Now, I'm thinking on what to do wit Pompadour, I wish I could keep him in only raw, but I'm currently in a medical treatment wit shots that has nasty secondary effects, so it's really hard for me to make all his meals in raw.


So, the only brands that we have here that I think it's ok it's kirkland and propac.

We tried the kirland before (both adult and puppy), but the kibble pieces are too big for his little jab and he has a hard time chewing it, I tried to soak it wit warm water and still it's big for him. hwell:

In a dog show I got some samples of propac small breed puppy, and he can chew it fine the pieces are like food for betta fish.


I have seen the propac always available, so I guess I will go with that, I think the small breed puppy is their better formula?


To the EB I was adding like two spoons of cooked ground chicken or beef heart, I guess that will be fine to add to propac? :help:


----------



## magicre (Apr 7, 2010)

i'm sorry to hear this, but maybe you could put the kirkland kibble into a mini grinder/chopper so it's smaller?


----------



## hmbutler (Aug 4, 2011)

that's unfortunate - sucks to find a good thing and then, for whatever reason, it can't continue!!




Sapphire-Light said:


> I asked and they told me that since it's not a well know brand here, they aren't going to carry it anymore out:


did you ask if they would consider ordering it specifically for you? perhaps, since they obviously have access to it, they will consider ordering just the amount you need, when you need it. This may mean you have to buy in bulk but if it was something you really wanted, it may be worth a shot!!

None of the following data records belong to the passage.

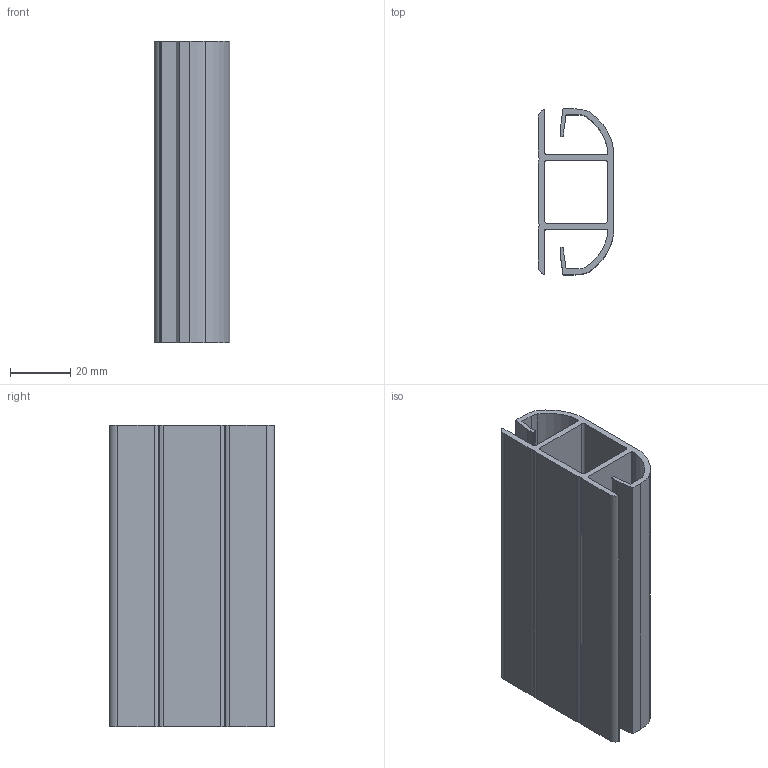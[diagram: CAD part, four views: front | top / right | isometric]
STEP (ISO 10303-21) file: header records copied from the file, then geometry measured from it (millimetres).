
FILE_DESCRIPTION (( 'STEP AP203' ), '1' );
FILE_NAME ('013.025.005.STEP', '2020-07-22T08:56:42', ( '' ), ( '' ), 'SwSTEP 2.0', 'SolidWorks 2018', '' );
FILE_SCHEMA (( 'CONFIG_CONTROL_DESIGN' ));
Length unit declared in the file: millimetre
Products named in the file (1): 013.025.005
Bounding box: 25 x 55 x 100 mm (x, y, z)
Volume: 35159.4 mm3; surface area: 37150.4 mm2
Topology: 1 solids, 1 shells, 60 faces, 174 edges, 116 vertices
Faces by surface type: plane 30, cylinder 26, bspline 4
Entity records: 2095 total; most frequent: CARTESIAN_POINT 403, ORIENTED_EDGE 348, DIRECTION 332, EDGE_CURVE 174, VERTEX_POINT 116, LINE 114, VECTOR 114, AXIS2_PLACEMENT_3D 109
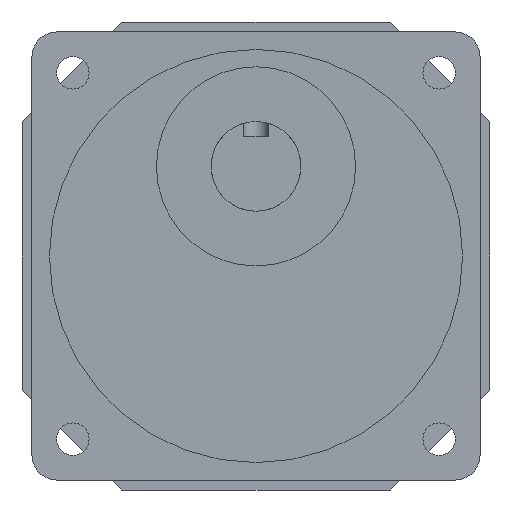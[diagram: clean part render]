
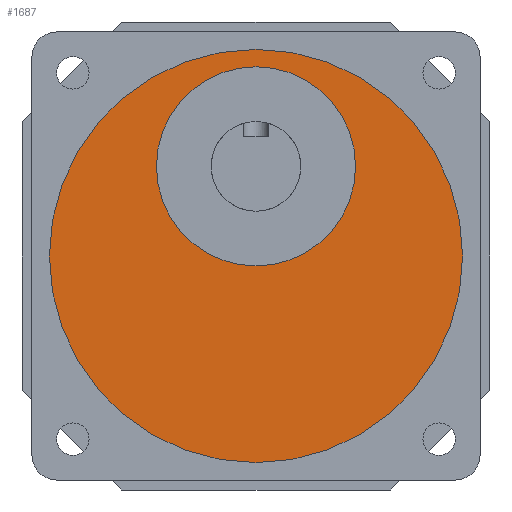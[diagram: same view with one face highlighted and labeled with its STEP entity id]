
A CAD part, front view. The second image highlights one B-rep face of the part: STEP entity #1687.
In plain terms, the highlighted planar face has unit normal (0, -1, 0).
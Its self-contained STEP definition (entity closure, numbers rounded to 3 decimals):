
#72 = DIRECTION ( 'NONE',  ( 0., 0., -1. ) ) ;
#170 = VERTEX_POINT ( 'NONE', #1987 ) ;
#204 = VERTEX_POINT ( 'NONE', #1007 ) ;
#484 = CARTESIAN_POINT ( 'NONE',  ( 45., -83., 3.5 ) ) ;
#638 = DIRECTION ( 'NONE',  ( 0., -1., 0. ) ) ;
#1001 = AXIS2_PLACEMENT_3D ( 'NONE', #5849, #1308, #1764 ) ;
#1007 = CARTESIAN_POINT ( 'NONE',  ( 45., -83., 83. ) ) ;
#1028 = CIRCLE ( 'NONE', #4984, 41.5 ) ;
#1032 = FACE_BOUND ( 'NONE', #2095, .T. ) ;
#1062 = DIRECTION ( 'NONE',  ( 0., 0., -1. ) ) ;
#1203 = ORIENTED_EDGE ( 'NONE', *, *, #4890, .T. ) ;
#1230 = CIRCLE ( 'NONE', #5381, 20. ) ;
#1244 = AXIS2_PLACEMENT_3D ( 'NONE', #4323, #2560, #1676 ) ;
#1306 = CIRCLE ( 'NONE', #1001, 20. ) ;
#1308 = DIRECTION ( 'NONE',  ( 0., -1., 0. ) ) ;
#1676 = DIRECTION ( 'NONE',  ( 0., 0., -1. ) ) ;
#1687 = ADVANCED_FACE ( 'NONE', ( #1032, #1972 ), #2465, .T. ) ;
#1764 = DIRECTION ( 'NONE',  ( 0., 0., -1. ) ) ;
#1972 = FACE_OUTER_BOUND ( 'NONE', #5262, .T. ) ;
#1987 = CARTESIAN_POINT ( 'NONE',  ( 45., -83., 86.5 ) ) ;
#2095 = EDGE_LOOP ( 'NONE', ( #4939, #5277 ) ) ;
#2465 = PLANE ( 'NONE',  #3493 ) ;
#2560 = DIRECTION ( 'NONE',  ( 0., -1., 0. ) ) ;
#2720 = EDGE_CURVE ( 'NONE', #204, #4535, #1306, .T. ) ;
#2921 = VERTEX_POINT ( 'NONE', #484 ) ;
#3121 = DIRECTION ( 'NONE',  ( 0., 0., -1. ) ) ;
#3241 = DIRECTION ( 'NONE',  ( 0., -1., 0. ) ) ;
#3493 = AXIS2_PLACEMENT_3D ( 'NONE', #3804, #638, #1062 ) ;
#3678 = CARTESIAN_POINT ( 'NONE',  ( 45., -83., 45. ) ) ;
#3804 = CARTESIAN_POINT ( 'NONE',  ( 45., -83., 45. ) ) ;
#3907 = ORIENTED_EDGE ( 'NONE', *, *, #5171, .T. ) ;
#3993 = DIRECTION ( 'NONE',  ( 0., -1., 0. ) ) ;
#4323 = CARTESIAN_POINT ( 'NONE',  ( 45., -83., 45. ) ) ;
#4482 = CIRCLE ( 'NONE', #1244, 41.5 ) ;
#4535 = VERTEX_POINT ( 'NONE', #4699 ) ;
#4699 = CARTESIAN_POINT ( 'NONE',  ( 45., -83., 43. ) ) ;
#4890 = EDGE_CURVE ( 'NONE', #2921, #170, #1028, .T. ) ;
#4939 = ORIENTED_EDGE ( 'NONE', *, *, #2720, .F. ) ;
#4984 = AXIS2_PLACEMENT_3D ( 'NONE', #3678, #3241, #72 ) ;
#5171 = EDGE_CURVE ( 'NONE', #170, #2921, #4482, .T. ) ;
#5262 = EDGE_LOOP ( 'NONE', ( #1203, #3907 ) ) ;
#5277 = ORIENTED_EDGE ( 'NONE', *, *, #5325, .F. ) ;
#5325 = EDGE_CURVE ( 'NONE', #4535, #204, #1230, .T. ) ;
#5381 = AXIS2_PLACEMENT_3D ( 'NONE', #5819, #3993, #3121 ) ;
#5819 = CARTESIAN_POINT ( 'NONE',  ( 45., -83., 63. ) ) ;
#5849 = CARTESIAN_POINT ( 'NONE',  ( 45., -83., 63. ) ) ;

Unfortunately I am little help with brands etc, as I am in Australia and I don't get the majority of the brands listed!! (For example, I only have access to TWO grain-free kibbles in the whole country, and I have to drive at least an hour and a half to get it - my area also considers Eukanuba, Purina, Science Diet etc to be "premium"!! When I asked one local store if they could order in the grain-free that I can get from the capital city, they said no and suggested I try Iams as it is the best food for my cat... umm.. NO THANKS!! Lol)

Good luck!!


----------



## Sapphire-Light (Aug 8, 2010)

magicre said:


> i'm sorry to hear this, but maybe you could put the kirkland kibble into a mini grinder/chopper so it's smaller?


That sound nice, wit the EB sometimes I used a blender (left to soak and blend it), since he was getting a bit bored and it worked fine but he is getting some tartar in his teeth, I guess it's from the food being soft


----------



## Sapphire-Light (Aug 8, 2010)

hmbutler said:


> that's unfortunate - sucks to find a good thing and then, for whatever reason, it can't continue!!
> 
> did you ask if they would consider ordering it specifically for you? perhaps, since they obviously have access to it, they will consider ordering just the amount you need, when you need it. This may mean you have to buy in bulk but if it was something you really wanted, it may be worth a shot!!
> 
> ...



I tried to ask for a special order, they told me they will look for it, but when I returned to ask, they told me the same thing, they said that they could give another try but the guy didn't look too optimistic I guess he was just not trying to sound rude, maybe were they get their stock they can only buy X number of bags, and not singles.

Well, so we are in the same situation :hug: , at least this brands are less worse than pedigree or alpo.


----------



## hmbutler (Aug 4, 2011)

Sapphire-Light said:


> Well, so we are in the same situation :hug: , at least this brands are less worse than pedigree or alpo.


Yes well I ended up getting my cat Felidae Grain Free, because I wanted a grain free option for her (she wouldnt take to Raw food like my dog did), they actually manufacture it in Australia which is good! My only other grain free option is EVO, and they have to add something to it to be able to ship to Australia, or some crap, I dunno, it all sounded dodgy to me. PLUS it costs exactly double the price of Felidae (and EVO in Australia is 4 x the US price, because one chain store has exclusive rights to EVO in Australia so they can charge as much as they want, there is no competition).

But it's a hell of a lot better than the Purina Supercoat I had both my dog and cat on earlier this year, before finding out how bad some of that stuff is!!


----------



## magicre (Apr 7, 2010)

Sapphire-Light said:


> That sound nice, wit the EB sometimes I used a blender (left to soak and blend it), since he was getting a bit bored and it worked fine but he is getting some tartar in his teeth, I guess it's from the food being soft


in that case, you can always supplement with what i call 'exercise bones', like beef ribs or even feed them a little chicken with bone in it for a meal a few times a week. is that possible?


----------



## Sapphire-Light (Aug 8, 2010)

magicre said:


> in that case, you can always supplement with what i call 'exercise bones', like beef ribs or even feed them a little chicken with bone in it for a meal a few times a week. is that possible?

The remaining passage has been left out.